Creating your environment
These instructions are the same for OSX, Windows, and Linux.
-
Download the data100
environment.yml
from the course repository here or:# download via curl curl https://raw.githubusercontent.com/DS-100/sp18/gh-pages/environment.yml > environment.yml # OR download via wget wget -O environment.yml https://raw.githubusercontent.com/DS-100/sp18/gh-pages/environment.yml
This YAML file is what we use to specify the dependencies and packages (and their versions) we wish to install into the conda environment we will make for this class. This ensures everyone in the course is using the same package versions which prevents inconsistent behavior between different versions.
-
In Terminal, navigate to the directory where you downloaded
environment.yml
. Run these commands to create a new conda environment. Each conda environment has its own package versions. This allows us to switch between package versions easily.

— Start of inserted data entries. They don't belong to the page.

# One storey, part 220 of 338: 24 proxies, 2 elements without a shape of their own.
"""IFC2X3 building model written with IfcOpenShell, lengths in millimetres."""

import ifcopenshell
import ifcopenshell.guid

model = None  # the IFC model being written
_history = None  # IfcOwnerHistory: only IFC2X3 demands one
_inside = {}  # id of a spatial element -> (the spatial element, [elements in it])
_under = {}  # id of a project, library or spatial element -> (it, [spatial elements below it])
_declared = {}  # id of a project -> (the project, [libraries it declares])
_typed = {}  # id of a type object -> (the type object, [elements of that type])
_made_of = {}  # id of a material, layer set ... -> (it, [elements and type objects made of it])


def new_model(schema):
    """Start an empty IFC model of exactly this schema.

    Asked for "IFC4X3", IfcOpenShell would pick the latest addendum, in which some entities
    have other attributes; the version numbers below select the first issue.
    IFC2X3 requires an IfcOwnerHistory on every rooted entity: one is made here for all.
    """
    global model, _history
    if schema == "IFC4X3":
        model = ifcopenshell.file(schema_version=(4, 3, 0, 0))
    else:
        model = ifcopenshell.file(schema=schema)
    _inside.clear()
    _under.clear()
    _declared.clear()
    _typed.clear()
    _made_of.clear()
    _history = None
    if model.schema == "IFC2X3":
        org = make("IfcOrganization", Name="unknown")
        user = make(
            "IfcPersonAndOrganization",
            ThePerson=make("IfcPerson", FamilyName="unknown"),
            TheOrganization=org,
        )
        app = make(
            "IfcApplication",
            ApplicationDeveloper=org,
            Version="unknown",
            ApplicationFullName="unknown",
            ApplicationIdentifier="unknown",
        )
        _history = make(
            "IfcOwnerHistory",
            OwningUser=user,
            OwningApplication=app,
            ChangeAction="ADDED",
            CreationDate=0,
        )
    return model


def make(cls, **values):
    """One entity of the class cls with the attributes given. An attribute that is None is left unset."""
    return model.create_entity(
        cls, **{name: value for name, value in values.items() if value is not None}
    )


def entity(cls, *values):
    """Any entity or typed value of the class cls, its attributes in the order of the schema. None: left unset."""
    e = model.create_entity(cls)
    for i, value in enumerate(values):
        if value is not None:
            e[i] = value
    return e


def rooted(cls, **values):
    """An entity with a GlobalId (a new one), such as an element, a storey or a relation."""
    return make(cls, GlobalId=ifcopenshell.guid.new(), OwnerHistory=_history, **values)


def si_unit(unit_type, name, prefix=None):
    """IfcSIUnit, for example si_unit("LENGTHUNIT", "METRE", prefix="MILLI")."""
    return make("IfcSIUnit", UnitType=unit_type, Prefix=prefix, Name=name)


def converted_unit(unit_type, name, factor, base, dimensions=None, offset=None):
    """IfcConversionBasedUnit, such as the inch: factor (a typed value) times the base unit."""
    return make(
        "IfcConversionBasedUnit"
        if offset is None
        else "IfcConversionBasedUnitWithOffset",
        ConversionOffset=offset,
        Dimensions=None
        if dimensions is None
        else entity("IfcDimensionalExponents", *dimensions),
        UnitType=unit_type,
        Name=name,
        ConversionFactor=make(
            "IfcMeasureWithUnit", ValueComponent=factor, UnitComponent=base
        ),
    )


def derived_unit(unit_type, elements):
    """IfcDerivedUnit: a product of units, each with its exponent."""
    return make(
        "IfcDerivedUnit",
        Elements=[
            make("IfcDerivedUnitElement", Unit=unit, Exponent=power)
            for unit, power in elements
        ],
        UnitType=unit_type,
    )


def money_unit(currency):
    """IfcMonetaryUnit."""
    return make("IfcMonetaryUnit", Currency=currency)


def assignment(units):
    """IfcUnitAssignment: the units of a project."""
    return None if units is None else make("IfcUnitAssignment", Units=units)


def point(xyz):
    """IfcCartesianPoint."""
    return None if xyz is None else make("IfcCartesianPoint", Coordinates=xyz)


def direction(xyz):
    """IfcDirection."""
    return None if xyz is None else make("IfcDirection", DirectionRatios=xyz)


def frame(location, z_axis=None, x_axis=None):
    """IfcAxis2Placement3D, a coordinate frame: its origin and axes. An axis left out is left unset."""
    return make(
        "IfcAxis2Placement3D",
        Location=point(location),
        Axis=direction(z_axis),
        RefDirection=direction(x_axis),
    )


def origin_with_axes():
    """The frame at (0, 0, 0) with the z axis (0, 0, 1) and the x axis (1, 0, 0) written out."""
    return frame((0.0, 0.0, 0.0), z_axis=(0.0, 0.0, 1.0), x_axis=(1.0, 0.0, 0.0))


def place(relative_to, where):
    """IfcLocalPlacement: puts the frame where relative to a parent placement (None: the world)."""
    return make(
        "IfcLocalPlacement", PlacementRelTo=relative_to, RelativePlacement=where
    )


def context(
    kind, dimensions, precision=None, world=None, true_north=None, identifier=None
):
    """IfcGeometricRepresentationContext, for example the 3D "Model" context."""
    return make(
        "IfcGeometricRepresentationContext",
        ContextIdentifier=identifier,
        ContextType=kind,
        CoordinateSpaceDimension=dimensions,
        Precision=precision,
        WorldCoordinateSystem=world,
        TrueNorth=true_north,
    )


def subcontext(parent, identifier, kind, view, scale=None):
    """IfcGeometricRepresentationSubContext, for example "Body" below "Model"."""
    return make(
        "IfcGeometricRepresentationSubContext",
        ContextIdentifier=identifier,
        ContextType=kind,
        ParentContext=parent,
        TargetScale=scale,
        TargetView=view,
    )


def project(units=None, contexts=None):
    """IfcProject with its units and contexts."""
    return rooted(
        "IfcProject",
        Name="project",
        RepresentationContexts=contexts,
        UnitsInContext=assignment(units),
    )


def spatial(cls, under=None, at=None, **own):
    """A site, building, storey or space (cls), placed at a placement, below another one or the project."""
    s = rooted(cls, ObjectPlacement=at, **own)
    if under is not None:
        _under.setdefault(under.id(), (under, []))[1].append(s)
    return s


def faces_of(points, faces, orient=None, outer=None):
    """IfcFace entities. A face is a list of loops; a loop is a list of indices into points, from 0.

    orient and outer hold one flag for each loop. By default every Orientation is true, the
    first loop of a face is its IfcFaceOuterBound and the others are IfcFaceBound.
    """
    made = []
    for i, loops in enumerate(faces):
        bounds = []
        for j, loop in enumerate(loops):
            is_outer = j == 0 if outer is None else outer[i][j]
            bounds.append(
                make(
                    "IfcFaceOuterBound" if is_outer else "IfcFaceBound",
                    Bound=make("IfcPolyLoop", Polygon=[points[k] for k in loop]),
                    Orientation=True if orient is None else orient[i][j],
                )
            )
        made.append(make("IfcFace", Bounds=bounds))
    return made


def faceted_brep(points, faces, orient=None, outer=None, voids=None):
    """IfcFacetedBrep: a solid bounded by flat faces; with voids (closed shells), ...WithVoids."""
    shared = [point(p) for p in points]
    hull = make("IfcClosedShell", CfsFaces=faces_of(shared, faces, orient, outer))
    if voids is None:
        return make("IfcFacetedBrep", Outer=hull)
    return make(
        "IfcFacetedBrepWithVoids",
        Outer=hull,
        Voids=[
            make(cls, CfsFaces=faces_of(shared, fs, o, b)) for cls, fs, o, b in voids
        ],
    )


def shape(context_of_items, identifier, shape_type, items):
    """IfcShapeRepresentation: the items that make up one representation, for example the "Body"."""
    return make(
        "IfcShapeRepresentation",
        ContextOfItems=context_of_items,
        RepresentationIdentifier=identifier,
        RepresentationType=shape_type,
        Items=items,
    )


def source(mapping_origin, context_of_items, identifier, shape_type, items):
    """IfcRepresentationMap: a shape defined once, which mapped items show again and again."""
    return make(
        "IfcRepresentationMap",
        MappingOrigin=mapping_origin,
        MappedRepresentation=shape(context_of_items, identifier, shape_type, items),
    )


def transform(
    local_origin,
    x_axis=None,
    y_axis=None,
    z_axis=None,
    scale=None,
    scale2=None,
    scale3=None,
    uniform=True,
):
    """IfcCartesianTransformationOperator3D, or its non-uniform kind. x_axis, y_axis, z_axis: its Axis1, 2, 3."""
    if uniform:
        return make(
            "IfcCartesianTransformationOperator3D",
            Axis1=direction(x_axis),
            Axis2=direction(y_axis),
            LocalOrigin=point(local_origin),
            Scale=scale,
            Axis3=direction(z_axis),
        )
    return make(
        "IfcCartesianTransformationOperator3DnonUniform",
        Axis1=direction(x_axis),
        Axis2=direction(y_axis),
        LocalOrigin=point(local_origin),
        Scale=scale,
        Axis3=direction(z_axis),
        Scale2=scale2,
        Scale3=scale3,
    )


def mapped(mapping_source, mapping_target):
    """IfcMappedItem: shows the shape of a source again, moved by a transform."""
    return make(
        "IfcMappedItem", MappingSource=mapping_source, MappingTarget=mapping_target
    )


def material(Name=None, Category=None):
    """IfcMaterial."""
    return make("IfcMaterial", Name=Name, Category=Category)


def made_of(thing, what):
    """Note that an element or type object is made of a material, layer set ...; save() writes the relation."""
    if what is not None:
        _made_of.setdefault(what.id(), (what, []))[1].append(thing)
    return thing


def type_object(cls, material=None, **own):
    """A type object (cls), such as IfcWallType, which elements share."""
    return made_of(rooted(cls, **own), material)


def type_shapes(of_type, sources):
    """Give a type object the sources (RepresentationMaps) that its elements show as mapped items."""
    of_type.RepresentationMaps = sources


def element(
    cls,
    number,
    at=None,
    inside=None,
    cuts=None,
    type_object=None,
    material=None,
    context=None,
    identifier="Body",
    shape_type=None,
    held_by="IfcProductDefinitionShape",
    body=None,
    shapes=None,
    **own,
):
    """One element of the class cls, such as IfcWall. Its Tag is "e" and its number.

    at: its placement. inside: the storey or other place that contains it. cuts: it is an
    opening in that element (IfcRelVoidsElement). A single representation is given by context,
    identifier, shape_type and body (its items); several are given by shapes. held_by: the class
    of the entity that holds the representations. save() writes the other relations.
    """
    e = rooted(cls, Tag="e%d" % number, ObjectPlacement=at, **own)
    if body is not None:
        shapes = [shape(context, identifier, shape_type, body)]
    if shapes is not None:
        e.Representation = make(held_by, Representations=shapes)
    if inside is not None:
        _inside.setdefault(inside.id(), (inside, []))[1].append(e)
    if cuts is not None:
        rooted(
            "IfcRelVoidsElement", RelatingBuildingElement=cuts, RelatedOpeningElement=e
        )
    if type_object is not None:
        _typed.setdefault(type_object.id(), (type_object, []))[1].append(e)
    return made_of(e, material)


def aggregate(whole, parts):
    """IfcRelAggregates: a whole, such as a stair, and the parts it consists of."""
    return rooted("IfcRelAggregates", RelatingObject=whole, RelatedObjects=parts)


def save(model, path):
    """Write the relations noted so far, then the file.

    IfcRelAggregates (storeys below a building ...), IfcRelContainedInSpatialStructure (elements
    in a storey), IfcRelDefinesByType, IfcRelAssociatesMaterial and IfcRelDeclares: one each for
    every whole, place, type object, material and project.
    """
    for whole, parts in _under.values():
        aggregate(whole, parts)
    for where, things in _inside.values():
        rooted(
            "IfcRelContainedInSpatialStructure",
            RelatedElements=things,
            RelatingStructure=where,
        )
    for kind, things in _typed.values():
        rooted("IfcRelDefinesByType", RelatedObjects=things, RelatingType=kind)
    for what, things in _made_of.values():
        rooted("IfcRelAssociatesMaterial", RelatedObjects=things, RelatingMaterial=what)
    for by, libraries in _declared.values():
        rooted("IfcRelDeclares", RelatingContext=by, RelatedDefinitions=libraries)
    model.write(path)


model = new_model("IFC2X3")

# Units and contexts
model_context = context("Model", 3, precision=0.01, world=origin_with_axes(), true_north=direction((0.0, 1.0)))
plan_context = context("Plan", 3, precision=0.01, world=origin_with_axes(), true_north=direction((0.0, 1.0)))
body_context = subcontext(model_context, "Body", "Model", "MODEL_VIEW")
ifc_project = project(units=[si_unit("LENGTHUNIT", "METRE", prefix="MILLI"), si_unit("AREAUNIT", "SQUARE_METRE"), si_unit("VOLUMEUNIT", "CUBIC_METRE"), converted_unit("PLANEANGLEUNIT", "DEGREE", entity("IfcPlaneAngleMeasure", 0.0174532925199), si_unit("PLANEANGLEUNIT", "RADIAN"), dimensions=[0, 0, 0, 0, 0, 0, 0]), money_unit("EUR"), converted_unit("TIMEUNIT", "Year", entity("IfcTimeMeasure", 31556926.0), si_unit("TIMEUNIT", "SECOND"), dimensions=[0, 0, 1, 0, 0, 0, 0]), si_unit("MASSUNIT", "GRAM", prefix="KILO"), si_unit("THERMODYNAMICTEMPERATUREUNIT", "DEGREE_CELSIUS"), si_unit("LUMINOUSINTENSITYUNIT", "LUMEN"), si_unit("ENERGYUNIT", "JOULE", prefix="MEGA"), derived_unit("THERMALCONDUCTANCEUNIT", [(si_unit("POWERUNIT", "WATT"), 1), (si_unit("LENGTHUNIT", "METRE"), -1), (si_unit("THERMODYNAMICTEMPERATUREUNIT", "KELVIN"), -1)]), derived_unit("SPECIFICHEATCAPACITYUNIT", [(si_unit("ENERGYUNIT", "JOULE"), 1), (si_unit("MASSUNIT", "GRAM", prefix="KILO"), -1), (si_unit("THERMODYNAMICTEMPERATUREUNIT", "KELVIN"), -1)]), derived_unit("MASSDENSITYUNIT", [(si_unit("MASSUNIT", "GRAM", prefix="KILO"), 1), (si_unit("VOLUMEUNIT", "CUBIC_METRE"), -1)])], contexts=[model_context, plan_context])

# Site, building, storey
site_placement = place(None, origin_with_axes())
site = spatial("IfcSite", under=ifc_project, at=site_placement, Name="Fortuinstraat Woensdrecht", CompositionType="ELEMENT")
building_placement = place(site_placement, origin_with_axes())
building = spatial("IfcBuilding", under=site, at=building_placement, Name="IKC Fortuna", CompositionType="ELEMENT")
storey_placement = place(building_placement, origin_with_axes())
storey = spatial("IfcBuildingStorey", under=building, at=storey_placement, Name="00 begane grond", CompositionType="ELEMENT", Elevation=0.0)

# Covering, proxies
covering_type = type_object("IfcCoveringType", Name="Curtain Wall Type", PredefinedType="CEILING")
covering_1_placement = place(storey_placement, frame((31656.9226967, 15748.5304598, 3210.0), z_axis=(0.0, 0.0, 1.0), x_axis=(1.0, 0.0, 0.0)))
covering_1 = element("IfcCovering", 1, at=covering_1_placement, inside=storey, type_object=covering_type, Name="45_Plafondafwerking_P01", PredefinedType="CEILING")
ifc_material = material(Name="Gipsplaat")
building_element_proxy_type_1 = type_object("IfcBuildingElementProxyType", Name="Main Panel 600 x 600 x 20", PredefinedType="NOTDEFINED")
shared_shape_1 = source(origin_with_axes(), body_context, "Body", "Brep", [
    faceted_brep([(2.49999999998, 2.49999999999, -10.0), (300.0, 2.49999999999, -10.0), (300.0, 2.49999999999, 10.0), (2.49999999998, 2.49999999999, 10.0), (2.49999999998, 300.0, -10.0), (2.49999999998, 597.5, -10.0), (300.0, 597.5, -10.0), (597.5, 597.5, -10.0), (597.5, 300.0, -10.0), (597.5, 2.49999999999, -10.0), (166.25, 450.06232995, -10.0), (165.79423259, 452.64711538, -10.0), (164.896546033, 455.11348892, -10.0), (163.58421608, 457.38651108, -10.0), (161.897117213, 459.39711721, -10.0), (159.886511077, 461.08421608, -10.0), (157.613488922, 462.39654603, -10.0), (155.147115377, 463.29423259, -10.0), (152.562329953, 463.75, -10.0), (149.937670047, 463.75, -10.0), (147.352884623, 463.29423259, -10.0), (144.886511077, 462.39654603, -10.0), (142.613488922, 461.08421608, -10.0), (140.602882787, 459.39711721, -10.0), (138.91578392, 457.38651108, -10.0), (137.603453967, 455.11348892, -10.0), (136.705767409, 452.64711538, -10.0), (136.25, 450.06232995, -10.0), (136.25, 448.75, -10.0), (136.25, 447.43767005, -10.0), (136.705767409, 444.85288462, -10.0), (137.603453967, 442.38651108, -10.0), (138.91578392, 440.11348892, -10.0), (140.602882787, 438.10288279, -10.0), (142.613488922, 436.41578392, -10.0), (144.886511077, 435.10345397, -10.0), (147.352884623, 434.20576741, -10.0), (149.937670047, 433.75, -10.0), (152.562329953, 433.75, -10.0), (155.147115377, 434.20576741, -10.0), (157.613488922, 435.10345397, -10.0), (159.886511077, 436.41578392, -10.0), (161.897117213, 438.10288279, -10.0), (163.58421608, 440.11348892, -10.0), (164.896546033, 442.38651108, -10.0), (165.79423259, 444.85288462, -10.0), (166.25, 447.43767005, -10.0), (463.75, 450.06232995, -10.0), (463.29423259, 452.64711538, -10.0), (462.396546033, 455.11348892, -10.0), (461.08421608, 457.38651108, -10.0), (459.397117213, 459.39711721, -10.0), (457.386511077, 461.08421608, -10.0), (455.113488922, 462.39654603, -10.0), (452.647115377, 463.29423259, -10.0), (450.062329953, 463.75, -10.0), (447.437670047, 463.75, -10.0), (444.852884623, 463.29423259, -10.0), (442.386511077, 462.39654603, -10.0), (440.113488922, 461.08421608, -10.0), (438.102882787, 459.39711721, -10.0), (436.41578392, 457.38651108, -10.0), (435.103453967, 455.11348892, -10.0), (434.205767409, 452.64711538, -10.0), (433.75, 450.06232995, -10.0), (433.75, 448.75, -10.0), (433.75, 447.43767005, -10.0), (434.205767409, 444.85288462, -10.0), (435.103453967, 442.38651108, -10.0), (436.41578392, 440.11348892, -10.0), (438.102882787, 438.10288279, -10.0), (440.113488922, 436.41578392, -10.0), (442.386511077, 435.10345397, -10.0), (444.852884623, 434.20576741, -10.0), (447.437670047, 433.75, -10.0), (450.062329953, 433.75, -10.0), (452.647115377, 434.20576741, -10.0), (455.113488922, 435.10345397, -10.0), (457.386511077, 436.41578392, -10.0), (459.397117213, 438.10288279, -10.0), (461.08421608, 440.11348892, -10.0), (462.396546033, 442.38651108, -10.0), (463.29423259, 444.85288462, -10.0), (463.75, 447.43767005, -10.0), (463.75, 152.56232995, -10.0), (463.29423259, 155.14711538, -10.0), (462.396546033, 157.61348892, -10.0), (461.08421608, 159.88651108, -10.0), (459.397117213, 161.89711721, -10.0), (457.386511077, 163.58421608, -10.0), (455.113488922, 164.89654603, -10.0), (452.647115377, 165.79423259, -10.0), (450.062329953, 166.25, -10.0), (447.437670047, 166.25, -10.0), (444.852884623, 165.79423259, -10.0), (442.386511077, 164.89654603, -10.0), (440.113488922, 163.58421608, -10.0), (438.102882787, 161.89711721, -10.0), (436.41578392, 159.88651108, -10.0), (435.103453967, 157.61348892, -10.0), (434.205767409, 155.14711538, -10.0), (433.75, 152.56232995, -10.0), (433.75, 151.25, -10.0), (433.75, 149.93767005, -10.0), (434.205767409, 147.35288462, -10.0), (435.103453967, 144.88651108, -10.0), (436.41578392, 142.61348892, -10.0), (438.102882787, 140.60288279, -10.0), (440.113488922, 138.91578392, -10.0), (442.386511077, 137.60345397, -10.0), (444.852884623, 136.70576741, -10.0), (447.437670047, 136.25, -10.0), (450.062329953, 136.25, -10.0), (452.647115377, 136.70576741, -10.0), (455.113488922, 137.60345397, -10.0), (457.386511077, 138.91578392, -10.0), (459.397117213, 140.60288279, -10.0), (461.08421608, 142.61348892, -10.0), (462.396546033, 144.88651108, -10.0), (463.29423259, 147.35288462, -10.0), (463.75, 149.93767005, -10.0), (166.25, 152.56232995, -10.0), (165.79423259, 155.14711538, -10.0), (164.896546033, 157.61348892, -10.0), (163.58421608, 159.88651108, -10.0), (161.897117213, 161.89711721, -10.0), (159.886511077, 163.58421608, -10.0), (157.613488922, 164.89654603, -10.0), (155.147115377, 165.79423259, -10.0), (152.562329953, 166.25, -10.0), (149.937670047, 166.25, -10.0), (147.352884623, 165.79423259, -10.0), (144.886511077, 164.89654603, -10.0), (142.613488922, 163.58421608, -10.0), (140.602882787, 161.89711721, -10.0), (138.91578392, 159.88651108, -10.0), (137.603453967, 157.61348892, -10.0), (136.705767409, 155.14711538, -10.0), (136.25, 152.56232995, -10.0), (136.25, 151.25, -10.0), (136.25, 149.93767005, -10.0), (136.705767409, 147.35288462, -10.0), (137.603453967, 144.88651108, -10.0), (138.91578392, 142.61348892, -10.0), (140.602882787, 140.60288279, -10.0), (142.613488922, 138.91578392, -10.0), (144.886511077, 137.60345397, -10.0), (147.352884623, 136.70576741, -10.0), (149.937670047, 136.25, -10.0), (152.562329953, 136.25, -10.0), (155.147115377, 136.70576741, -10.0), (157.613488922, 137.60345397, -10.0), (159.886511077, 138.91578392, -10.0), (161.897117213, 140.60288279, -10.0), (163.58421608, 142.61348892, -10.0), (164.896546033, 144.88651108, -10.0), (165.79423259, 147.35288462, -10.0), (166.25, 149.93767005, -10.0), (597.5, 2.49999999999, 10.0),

For example, this class uses Python 3, but you might have another that uses Python 2. With a conda environment, you can switch between those at will.# sanity check on conda installation conda --version # Create a python 3.6 conda environment with the full set # of packages specified in environment.yml (jupyter, numpy, pandas, ...) conda env create -f environment.yml # Switch to the data100 environment source activate data100 # omit the 'source' part on Windows
From now on, you can switch to the data100
env with source activate data100
, and switch back to the default env with source deactivate
.
Note: If you are on Windows, omit the ‘source’ part and use activate data100
and deactivate
.
Working on assignments locally
These instructions are the same for OSX, Windows, and Linux.
To work on assignments, you should download the assignment zipfile (looks like hw1.zip
). Then you can unzip the files into a folder of your choosing. The staff recommend that you create a parent folder that holds all the assignments for this class for easier access.
Remember the location of your assignment files because you’ll need to navigate to the folder to open the notebook.
You’ll notice that all the assignments for this class have a folder structure that looks something like:
hw1/
func.png
ok_tests/
images/
hw1.ipynb
hw1.ok
something_cool.csv
The file containing the actual assignment ends in .ipynb
(short for IPython
notebook). The other files are used for the assignment but you don’t have to
open them unless we ask you to.
Opening notebooks locally
To open Jupyter notebooks, you’ll navigate to parent directory of the assignment in your terminal and run:
source activate data100 # omit the `source` part on Windows
jupyter notebook
This will automatically open the notebook interface in your browser. You can then browse to a notebook and open it.
Make sure to always work in the data100
conda environment when you are using jupyter notebooks for this class. This ensures you have all the necessary packages required for the notebook to run.
Verifying Your Environment
You can tell if you are correct environment if your terminal looks something like:
Additionally,
conda env list
outputs a list of all your conda environments, and data100
should appear with a *
next to it (the active one).
Working on JupyterHub
You have the option of working on your assignments in our hosted JupyterHub environment. If you are working on a Chromebook, this is what you will use throughout the course entirely. The Data 100 JupyterHub can be accessed at http://data100.datahub.berkeley.edu.
From within the JupyterHub, you can edit and execute notebooks in the same environment that you installed above. If you choose to complete assignments locally (outside of JupyterHub), they will still need to be uploaded to JupyterHub for submission.